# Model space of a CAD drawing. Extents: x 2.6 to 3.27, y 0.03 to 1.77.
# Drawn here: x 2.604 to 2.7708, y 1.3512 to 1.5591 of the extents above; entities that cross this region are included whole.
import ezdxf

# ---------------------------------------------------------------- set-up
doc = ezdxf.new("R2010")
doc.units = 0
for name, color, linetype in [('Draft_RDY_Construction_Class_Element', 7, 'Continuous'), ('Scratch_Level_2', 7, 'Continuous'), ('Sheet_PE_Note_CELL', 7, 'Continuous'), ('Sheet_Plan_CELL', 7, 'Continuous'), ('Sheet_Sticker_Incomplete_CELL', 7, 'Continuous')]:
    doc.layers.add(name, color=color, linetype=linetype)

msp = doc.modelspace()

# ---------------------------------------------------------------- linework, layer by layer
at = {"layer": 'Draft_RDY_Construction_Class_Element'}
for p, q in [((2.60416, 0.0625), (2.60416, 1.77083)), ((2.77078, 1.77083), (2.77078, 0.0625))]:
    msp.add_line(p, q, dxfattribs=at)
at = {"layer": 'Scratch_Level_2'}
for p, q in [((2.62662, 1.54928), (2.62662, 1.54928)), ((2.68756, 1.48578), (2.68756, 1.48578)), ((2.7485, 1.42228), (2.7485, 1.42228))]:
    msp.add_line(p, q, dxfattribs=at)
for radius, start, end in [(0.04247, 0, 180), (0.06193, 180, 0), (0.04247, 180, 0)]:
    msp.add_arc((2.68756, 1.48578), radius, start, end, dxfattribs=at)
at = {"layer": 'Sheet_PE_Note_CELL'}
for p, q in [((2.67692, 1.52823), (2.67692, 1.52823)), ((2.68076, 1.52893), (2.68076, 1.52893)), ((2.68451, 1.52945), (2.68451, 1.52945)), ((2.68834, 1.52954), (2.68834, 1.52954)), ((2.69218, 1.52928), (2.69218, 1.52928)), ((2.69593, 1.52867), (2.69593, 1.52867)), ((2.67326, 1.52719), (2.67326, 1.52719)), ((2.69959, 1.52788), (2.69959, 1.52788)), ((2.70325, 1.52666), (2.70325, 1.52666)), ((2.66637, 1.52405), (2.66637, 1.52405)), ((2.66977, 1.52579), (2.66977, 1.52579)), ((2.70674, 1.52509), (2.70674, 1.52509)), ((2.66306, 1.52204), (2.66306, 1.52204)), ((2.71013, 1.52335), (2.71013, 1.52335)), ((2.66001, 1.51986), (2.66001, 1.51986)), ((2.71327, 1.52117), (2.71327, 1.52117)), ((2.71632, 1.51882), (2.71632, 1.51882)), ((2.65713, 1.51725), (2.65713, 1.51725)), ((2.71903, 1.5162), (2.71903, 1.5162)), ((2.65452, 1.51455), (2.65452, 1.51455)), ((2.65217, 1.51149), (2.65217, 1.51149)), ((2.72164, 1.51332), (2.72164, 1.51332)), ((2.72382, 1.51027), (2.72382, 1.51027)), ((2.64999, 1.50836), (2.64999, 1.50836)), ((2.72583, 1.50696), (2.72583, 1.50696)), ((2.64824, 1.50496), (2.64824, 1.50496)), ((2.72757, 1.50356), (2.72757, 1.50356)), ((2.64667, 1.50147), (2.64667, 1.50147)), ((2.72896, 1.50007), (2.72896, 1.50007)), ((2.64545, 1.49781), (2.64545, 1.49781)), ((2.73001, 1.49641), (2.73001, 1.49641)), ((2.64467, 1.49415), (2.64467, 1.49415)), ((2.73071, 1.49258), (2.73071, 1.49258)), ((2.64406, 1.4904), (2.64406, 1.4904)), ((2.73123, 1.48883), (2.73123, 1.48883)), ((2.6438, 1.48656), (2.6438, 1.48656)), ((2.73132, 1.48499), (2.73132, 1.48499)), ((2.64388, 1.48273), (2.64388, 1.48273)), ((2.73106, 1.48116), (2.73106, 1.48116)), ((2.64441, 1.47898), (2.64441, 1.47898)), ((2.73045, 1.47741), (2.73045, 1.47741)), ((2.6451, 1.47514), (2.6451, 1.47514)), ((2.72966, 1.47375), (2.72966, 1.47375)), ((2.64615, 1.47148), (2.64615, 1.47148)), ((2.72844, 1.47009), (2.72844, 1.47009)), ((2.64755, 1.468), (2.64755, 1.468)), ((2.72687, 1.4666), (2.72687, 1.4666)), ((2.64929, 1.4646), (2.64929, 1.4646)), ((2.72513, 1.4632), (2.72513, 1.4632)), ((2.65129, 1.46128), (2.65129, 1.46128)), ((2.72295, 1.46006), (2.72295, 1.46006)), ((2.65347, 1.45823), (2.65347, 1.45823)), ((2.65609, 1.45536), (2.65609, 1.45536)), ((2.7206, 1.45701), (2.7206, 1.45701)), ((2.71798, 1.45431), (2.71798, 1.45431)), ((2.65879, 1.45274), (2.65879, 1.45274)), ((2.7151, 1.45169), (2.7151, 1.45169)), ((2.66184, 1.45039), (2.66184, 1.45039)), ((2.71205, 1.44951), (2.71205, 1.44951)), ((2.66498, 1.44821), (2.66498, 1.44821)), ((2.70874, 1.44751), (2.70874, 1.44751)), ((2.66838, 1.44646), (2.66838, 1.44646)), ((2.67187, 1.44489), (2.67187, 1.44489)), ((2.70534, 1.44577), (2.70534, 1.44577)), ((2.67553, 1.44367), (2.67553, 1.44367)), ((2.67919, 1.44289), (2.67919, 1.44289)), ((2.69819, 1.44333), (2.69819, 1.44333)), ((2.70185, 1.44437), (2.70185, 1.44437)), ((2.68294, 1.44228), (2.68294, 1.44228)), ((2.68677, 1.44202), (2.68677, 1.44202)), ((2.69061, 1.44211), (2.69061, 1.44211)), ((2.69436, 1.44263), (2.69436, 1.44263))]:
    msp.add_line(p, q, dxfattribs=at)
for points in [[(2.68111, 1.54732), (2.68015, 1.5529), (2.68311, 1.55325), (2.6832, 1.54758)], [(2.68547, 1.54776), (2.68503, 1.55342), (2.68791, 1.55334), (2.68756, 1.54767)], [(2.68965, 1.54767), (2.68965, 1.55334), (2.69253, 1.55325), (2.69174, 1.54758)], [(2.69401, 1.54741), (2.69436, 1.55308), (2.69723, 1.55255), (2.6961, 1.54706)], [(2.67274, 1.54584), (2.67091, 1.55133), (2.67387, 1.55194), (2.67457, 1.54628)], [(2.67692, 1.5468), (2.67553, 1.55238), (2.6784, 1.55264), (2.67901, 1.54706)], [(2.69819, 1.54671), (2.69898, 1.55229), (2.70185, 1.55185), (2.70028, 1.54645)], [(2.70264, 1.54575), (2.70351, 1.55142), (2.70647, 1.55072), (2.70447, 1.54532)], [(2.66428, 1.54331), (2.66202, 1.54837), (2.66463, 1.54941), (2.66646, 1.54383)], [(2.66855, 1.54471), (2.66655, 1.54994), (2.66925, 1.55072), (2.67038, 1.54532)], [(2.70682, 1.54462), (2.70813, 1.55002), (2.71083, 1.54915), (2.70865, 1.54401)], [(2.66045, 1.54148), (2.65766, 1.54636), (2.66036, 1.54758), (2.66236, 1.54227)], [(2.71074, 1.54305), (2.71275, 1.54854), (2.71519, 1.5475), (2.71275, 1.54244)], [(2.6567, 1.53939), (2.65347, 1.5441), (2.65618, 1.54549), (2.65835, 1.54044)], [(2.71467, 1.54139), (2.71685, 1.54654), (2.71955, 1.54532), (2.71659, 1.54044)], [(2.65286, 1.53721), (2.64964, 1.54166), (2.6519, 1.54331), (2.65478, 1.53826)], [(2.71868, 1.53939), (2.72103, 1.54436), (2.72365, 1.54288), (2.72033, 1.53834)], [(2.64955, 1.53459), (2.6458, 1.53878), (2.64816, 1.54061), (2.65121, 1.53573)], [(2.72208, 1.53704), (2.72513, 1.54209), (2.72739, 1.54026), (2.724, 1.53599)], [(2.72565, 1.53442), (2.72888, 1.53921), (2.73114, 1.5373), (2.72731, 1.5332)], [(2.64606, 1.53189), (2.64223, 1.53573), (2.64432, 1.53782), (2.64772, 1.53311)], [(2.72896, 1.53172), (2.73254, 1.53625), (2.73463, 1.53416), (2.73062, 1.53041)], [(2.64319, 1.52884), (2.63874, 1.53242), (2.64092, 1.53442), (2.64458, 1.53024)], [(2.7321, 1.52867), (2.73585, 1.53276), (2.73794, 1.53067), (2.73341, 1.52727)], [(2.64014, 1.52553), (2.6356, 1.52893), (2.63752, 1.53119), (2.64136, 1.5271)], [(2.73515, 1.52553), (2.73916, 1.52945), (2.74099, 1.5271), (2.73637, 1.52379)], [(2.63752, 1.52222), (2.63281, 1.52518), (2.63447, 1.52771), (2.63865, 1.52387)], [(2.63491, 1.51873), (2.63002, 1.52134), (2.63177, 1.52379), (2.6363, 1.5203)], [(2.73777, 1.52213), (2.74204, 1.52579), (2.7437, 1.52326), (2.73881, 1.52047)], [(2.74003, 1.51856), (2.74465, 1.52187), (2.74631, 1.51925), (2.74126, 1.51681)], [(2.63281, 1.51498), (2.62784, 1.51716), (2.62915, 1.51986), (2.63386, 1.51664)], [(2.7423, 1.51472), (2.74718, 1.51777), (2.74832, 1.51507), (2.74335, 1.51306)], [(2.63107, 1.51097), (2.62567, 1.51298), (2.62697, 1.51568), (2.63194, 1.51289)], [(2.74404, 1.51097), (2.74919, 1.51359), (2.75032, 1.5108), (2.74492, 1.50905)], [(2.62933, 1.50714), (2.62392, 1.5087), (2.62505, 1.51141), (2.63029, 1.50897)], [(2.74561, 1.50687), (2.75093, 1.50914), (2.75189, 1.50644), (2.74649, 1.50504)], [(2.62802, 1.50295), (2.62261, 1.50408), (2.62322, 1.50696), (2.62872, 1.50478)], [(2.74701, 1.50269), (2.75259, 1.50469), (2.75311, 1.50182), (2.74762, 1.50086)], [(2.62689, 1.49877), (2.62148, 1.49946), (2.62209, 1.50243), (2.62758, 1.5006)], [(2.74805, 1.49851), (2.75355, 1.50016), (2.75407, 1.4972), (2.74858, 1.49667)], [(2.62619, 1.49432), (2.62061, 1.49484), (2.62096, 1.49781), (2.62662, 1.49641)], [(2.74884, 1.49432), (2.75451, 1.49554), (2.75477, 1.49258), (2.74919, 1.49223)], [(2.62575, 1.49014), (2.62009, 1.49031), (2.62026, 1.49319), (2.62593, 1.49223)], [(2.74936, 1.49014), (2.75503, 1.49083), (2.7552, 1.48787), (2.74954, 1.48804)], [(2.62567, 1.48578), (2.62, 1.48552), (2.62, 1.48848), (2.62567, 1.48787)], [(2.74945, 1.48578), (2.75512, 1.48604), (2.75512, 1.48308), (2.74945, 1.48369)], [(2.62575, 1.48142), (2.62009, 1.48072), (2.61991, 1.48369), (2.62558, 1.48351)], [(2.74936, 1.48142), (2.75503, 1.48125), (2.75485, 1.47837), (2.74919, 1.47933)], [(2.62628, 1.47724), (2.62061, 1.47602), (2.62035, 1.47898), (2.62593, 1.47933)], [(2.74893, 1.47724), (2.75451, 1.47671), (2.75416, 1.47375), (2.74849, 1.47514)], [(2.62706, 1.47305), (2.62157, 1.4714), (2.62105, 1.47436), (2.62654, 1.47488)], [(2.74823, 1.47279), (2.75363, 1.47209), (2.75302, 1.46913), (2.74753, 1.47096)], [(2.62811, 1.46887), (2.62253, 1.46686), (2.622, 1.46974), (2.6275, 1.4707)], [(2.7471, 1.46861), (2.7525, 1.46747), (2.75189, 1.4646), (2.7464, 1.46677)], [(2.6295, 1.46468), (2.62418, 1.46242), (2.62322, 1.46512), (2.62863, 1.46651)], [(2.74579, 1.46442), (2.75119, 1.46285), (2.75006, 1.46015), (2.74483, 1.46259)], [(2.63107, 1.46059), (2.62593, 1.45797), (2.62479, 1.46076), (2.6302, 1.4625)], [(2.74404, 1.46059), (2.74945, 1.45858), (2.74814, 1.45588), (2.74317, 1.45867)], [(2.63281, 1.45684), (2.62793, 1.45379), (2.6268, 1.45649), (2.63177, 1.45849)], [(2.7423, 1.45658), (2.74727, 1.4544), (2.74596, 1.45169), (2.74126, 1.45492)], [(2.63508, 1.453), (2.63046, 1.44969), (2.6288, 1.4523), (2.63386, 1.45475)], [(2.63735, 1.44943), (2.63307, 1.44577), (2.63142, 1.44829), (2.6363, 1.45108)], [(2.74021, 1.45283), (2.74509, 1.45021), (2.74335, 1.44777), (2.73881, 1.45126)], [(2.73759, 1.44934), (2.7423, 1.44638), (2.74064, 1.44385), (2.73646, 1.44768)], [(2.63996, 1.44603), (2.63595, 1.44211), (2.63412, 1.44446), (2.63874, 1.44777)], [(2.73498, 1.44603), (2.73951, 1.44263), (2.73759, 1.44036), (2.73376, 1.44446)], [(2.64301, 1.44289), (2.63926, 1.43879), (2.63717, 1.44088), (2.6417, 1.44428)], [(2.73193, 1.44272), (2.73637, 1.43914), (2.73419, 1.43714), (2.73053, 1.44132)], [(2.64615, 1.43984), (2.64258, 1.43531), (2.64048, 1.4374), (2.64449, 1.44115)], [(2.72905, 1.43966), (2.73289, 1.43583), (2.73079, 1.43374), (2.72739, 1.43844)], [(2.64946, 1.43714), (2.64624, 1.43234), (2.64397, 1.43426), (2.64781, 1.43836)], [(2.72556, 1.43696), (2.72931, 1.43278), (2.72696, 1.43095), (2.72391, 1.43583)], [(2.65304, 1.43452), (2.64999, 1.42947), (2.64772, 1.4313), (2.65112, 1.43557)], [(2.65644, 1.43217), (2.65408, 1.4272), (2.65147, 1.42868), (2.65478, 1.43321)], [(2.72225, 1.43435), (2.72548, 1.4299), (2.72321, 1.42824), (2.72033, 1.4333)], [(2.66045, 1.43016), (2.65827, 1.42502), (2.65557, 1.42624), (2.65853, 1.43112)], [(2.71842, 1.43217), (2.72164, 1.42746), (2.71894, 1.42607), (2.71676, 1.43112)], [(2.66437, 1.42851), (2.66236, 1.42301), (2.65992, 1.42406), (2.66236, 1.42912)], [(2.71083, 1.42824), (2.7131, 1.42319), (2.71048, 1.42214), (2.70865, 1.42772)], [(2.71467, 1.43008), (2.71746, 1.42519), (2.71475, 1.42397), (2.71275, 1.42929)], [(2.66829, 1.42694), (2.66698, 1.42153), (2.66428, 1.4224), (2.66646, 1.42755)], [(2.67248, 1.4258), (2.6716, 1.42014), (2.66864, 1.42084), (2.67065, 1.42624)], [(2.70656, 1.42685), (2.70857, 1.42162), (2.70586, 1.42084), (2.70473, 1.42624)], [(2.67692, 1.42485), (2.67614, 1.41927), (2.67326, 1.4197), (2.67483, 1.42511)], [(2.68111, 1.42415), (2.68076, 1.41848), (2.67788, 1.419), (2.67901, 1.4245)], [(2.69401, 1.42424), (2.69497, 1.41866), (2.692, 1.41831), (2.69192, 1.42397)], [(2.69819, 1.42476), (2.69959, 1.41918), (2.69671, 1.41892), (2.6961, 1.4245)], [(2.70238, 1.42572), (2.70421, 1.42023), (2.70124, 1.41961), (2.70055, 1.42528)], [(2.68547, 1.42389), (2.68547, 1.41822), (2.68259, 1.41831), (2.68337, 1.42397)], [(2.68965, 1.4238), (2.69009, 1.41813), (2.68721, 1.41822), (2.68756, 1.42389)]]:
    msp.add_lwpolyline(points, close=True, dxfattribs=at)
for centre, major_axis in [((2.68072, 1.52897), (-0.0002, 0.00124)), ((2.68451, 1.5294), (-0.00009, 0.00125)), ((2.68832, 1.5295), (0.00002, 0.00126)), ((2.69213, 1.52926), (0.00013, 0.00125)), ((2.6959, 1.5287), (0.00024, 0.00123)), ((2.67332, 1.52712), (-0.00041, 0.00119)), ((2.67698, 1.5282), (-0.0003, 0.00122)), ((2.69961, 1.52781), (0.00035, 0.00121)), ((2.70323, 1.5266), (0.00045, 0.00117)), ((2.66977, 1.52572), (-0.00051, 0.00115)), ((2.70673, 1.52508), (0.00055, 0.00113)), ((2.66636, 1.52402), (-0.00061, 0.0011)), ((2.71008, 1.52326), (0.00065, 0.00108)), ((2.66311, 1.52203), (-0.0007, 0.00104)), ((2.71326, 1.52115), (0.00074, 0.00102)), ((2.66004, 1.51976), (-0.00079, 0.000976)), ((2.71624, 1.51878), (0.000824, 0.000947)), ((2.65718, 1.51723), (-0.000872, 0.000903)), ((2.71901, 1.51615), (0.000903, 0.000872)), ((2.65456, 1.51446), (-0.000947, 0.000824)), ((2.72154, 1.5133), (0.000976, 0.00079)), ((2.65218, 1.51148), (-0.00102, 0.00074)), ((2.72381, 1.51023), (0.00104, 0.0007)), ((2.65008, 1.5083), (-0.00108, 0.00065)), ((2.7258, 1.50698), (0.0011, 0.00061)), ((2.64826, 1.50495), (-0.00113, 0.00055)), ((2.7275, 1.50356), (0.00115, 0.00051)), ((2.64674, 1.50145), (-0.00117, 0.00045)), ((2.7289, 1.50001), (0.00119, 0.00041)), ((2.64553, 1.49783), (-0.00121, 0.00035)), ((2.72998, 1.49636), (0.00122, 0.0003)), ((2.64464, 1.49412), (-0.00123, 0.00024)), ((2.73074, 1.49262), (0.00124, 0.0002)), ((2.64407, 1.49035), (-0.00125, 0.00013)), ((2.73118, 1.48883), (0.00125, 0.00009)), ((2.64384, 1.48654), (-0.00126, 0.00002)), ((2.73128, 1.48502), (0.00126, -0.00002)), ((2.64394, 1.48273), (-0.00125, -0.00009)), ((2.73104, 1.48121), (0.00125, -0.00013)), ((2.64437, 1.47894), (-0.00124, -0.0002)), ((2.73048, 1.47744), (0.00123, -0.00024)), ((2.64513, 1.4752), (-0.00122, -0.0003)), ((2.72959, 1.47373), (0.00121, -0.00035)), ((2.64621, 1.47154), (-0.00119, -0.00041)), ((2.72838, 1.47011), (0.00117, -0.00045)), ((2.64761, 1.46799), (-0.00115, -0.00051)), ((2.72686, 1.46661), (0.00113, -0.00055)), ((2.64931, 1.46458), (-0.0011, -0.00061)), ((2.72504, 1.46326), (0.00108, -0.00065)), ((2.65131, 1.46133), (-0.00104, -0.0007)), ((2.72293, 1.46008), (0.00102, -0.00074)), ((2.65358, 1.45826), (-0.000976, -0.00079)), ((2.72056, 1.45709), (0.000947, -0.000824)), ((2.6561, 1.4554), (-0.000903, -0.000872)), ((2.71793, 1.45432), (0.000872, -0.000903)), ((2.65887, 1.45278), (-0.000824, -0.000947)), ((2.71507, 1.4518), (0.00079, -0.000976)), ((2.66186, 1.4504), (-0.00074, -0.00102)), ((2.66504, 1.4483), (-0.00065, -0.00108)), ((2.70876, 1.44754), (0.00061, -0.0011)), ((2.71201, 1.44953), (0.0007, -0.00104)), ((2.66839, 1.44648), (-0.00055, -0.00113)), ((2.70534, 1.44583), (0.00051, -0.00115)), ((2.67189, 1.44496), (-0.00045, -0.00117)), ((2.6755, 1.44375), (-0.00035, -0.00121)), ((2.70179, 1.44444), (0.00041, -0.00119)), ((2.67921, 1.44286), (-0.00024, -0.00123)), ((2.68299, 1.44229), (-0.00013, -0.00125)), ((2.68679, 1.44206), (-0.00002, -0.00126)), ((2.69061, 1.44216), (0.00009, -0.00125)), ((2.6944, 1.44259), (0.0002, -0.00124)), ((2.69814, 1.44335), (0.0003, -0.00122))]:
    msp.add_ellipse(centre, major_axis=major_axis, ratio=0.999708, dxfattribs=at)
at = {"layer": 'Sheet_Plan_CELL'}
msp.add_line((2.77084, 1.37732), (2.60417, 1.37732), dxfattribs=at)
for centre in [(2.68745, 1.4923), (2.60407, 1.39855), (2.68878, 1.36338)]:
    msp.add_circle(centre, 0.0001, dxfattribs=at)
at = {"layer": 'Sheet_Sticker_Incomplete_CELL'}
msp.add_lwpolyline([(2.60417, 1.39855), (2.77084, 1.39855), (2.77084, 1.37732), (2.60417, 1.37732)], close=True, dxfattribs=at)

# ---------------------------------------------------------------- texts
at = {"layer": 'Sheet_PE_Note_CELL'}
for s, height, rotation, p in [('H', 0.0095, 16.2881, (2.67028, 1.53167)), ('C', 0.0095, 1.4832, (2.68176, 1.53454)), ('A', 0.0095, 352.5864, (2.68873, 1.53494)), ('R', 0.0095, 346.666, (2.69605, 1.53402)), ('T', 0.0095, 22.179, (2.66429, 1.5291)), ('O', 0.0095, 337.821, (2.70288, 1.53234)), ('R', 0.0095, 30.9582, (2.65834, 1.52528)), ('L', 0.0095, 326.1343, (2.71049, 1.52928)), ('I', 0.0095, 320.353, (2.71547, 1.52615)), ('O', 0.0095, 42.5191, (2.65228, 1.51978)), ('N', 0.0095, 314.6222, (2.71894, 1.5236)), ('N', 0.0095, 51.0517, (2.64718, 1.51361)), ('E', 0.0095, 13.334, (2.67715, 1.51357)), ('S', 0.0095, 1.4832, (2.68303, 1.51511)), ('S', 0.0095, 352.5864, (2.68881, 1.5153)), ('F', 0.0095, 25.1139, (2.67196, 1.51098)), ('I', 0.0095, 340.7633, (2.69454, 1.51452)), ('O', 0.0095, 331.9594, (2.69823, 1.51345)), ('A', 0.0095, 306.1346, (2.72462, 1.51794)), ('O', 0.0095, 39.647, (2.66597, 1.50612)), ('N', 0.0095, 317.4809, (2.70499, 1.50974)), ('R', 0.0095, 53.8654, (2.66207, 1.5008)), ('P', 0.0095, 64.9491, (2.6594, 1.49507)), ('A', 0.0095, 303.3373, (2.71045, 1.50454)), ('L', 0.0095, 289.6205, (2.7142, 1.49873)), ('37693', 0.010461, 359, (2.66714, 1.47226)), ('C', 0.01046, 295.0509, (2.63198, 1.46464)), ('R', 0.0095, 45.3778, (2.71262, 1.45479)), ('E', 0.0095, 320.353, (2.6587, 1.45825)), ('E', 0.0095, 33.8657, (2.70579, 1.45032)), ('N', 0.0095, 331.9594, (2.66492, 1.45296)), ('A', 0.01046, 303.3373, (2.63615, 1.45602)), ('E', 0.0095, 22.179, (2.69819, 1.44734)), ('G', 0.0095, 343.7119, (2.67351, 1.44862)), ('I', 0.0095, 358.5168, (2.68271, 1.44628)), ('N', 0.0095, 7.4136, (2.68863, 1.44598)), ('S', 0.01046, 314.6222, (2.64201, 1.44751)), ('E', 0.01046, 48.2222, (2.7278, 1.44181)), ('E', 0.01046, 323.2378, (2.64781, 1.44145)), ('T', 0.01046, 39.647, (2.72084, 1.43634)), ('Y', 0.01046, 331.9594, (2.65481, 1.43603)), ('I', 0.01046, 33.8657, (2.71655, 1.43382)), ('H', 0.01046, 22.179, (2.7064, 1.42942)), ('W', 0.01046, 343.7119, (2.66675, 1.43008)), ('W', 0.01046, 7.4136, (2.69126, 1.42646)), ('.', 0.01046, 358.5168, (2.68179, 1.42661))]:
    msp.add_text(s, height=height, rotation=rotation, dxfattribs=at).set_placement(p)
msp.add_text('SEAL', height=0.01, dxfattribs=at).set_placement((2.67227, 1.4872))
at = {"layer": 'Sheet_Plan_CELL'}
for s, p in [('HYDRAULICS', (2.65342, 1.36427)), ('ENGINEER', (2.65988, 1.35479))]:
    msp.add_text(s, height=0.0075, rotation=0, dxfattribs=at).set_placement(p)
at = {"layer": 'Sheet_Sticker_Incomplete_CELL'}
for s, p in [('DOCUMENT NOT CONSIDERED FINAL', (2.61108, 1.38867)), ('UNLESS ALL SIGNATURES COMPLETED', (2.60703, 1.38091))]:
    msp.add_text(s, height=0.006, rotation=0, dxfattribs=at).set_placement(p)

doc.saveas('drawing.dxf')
########################################
Task to carry out = Repeat, exactly and only, the lines from the beginning of the material through the line that contains "doc.units = 0".

Exercise solution =
# Model space of a CAD drawing. Extents: x 2.6 to 3.27, y 0.03 to 1.77.
# Drawn here: x 2.604 to 2.7708, y 1.3512 to 1.5591 of the extents above; entities that cross this region are included whole.
import ezdxf

# ---------------------------------------------------------------- set-up
doc = ezdxf.new("R2010")
doc.units = 0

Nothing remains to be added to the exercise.